• _Work to complete_:
Produce one exact copy of the records, no pictures.

• _Record set_:
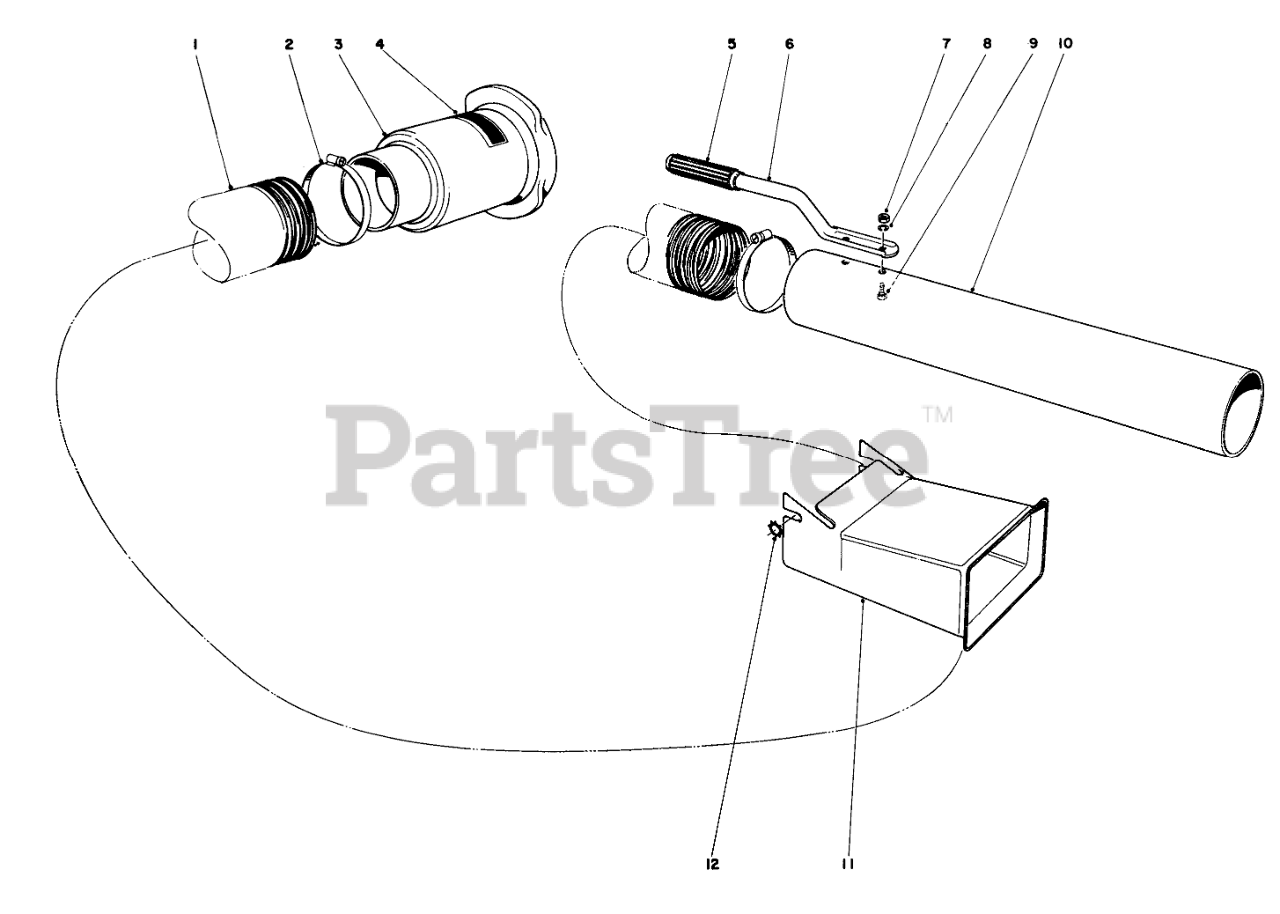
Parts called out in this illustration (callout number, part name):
2	Clamp
3	Hose Adaptor
4	Decal
6	Handle
7	NUT-HEX
8	WASHER-LOCK
9	Screw
10	Nozzle
11	Bag Adaptor
12	Lockwasher

• _Exercise solution_:
Parts called out in this illustration (callout number, part name):
2	Clamp
3	Hose Adaptor
4	Decal
6	Handle
7	NUT-HEX
8	WASHER-LOCK
9	Screw
10	Nozzle
11	Bag Adaptor
12	Lockwasher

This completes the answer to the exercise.